# Mountain bike shoes vs basic skate shoes



## Reptiles&Dinosaurs (Feb 24, 2021)

I've always just used an old pair of sneakers for mtb, but my feet are feeling the need for something better. Does anybody out there ride mtb in skate boarding shoes? Seems like a basic pair of Vans or DC skate shoes could be had for $50 vs the $100+ fora pair of mtb specific shoes.


----------



## MyDadSucks (Sep 6, 2017)

i used to ride in vans for the most part but the added stiffness that proper mtb shoes provide makes longer rides much better. also if you shop around you can get a good comfy pair of mtb shoes for under 100 bucks.


----------



## Harold (Dec 23, 2003)

if you are just casually riding on fairly smooth stuff, then wear whatever floats your boat.

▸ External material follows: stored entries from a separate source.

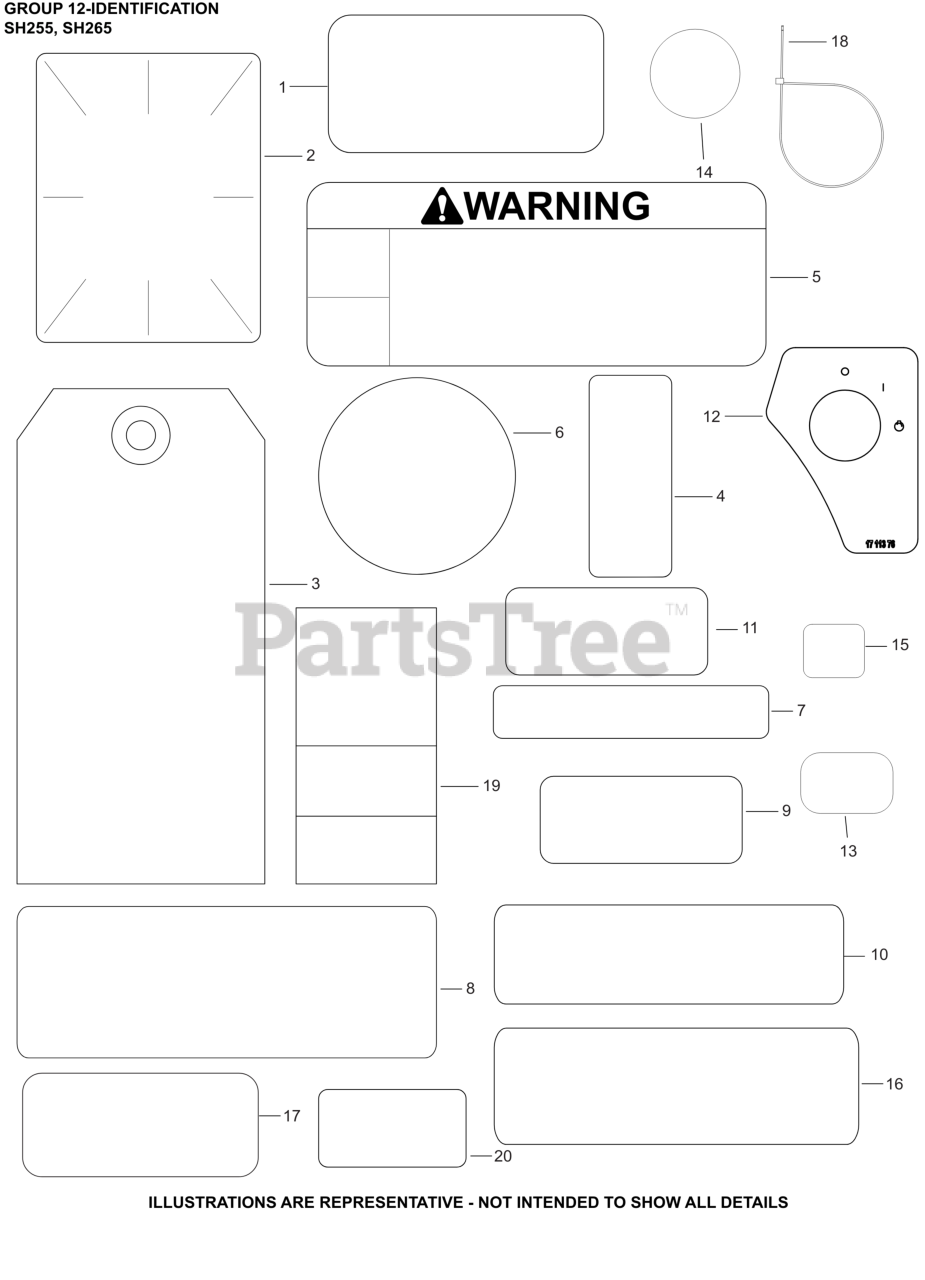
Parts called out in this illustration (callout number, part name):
1	LABEL, MAINTENANCE (CKY)
2	LABEL, CLEAR LAMINATION
3	TAG, HANG
3	TAG, PROP 65-OIL FILL ASSEMBLED
4	DECAL, FUEL/CHOKE - ON/OFF
5	DECAL, WARNING
6	LABEL, RECOIL 75MM
7	DECAL, THROTTLE
17	DECAL, ETHANOL WARNING
20	LABEL, HP SH270

But the faster you go and on chunkier terrain, the more you'll come to appreciate purpose-built mtb shoes. shoes that are too flexy with insufficient midsole padding will give you some serious foot fatigue when you're absorbing repeated hits on a fast section of trail.


----------



## NorCal_In_AZ (Sep 26, 2019)

I rode with a pair of Vans Classics for a year. Tore through the fabric, wore out the soles, and stubbed my toes too many times to count. Finally broke down and bought a pair of Crank Bro's Stamps. Yeah they weren't cheap. But the stiffer soles are less fatiguing, the stronger shells protect more, and they'll very comfy to walk in still. 

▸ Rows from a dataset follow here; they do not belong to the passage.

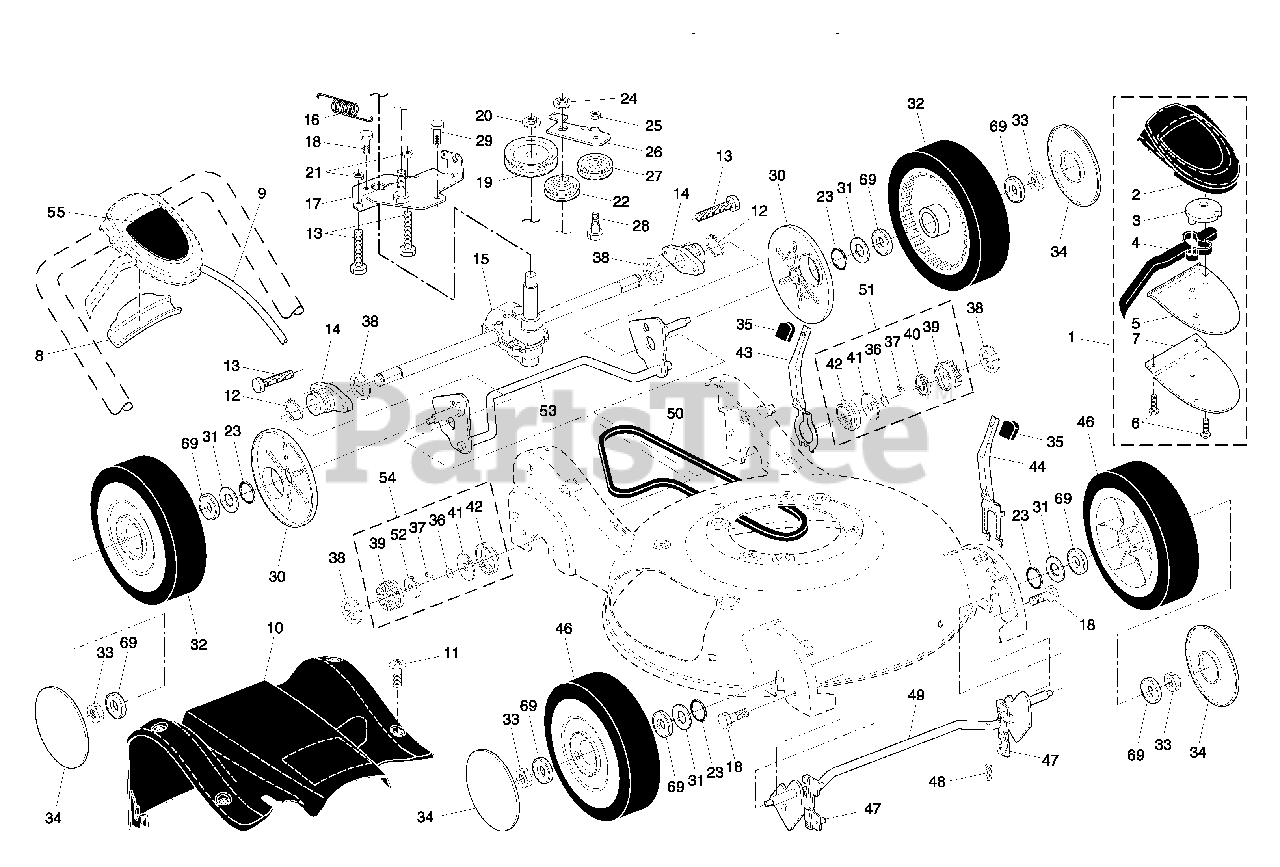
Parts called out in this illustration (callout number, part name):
1	Drive Control Assembly, Complete
2	Cover, Drive Control, Top
3	Pulley, Drive Control
4	Lever, Drive Control (blue)
5	Cover, Drive Control, Bottom
6	Screw, Torx Head #8-5/8
7	Bracket, Mounting, Drive Control
8	Cap, Drive Control, Bottom
9	Cable, Drive Control
10	Cover Assembly, Drive
11	Screw
12	Ring, Retaining
13	Screw
14	Bearing / Axle Support
15	Gear Case Assembly
16	Spring, Return
17	Bracket, Gear Case / Drive Pulley
19	Pulley, Drive
20	Nut, Hex, Flangelock
21	Nut, Hex
22	Pulley Assembly, V-Groove
23	O-Ring
24	Nut, Hex, Flangelock
25	Nut, Hex, Lock
26	Idler Arm
27	Pulley, Idler
28	Bolt, Hex Head, Shoulder
29	Screw 1/4-20 x 1/16
30	Cover, Dust, Wheel
31	Washer, Flat 3/8
32	Wheel Assembly, Rear 9 x 2-1/4
33	Nut, Hex
34	Hubcap
36	Spring, Torsion
40	Retainer, Drive, LH
41	Disc, Drive
42	Seal, Friction
43	Lever, Selector, Wheel Height, Rear
44	Lever, Selector, Wheel Height, Front
46	Wheel Assembly, Front 9 x 2-1/4
47	Bushing, Front Axle
48	Retainer, Hairpin Cotter
49	Torque Shaft Assembly, Front
50	Belt, Drive
51	Pinion Assembly, LH
52	Retainer, Drive, RH
53	Rear Axle Assembly
54	Pinion Assembly, RH
55	Decal, Drive Control
69	Bearing, Ball (Wheel)

Buy once, cry once. You can spend $50 every 8 months on Vans, or just bite the bullet and buy one pair of shoes that will last you 3 times longer.


----------



## Troll on a Bike (Feb 12, 2021)

I wear the "Vans" shoes they sell at Walmart. I haven't had any problems with them and are less than $20.


----------



## Hodo (Sep 30, 2014)

+1 for proper MTB shoes. I have done and still do the skate shoe thing from time to time. The issue they leave me with is cramps in my arches from my foot trying to wrap around the pedal when I'm smashing up a hill.

No such issues when I wear my 5.10's.


----------



## Alf-NH (Mar 9, 2018)

Five ten shoes changed the way I ride. There's no going back for me now. The stiffness and grip are unreal!


----------



## vanderzee (Mar 18, 2021)

MTB shoes, even for platform pedals without the cleats/clips?


----------



## slimat99 (May 21, 2008)

It's personal preference but things like arch support, heel cup, toe protection, midsole pedal platform, and of course sticky rubber make a dedicated flat shoe will worth the extra money. Prices are getting crazy though. I want the new 2fo which msrp at 160! When I started riding flats impacts sold for 90 bucks. Inflation does not account for the price increase, nor does materials used. In fact we get thinner sticky rubber soles these days that chunks out faster. More money, shorter life span, progress!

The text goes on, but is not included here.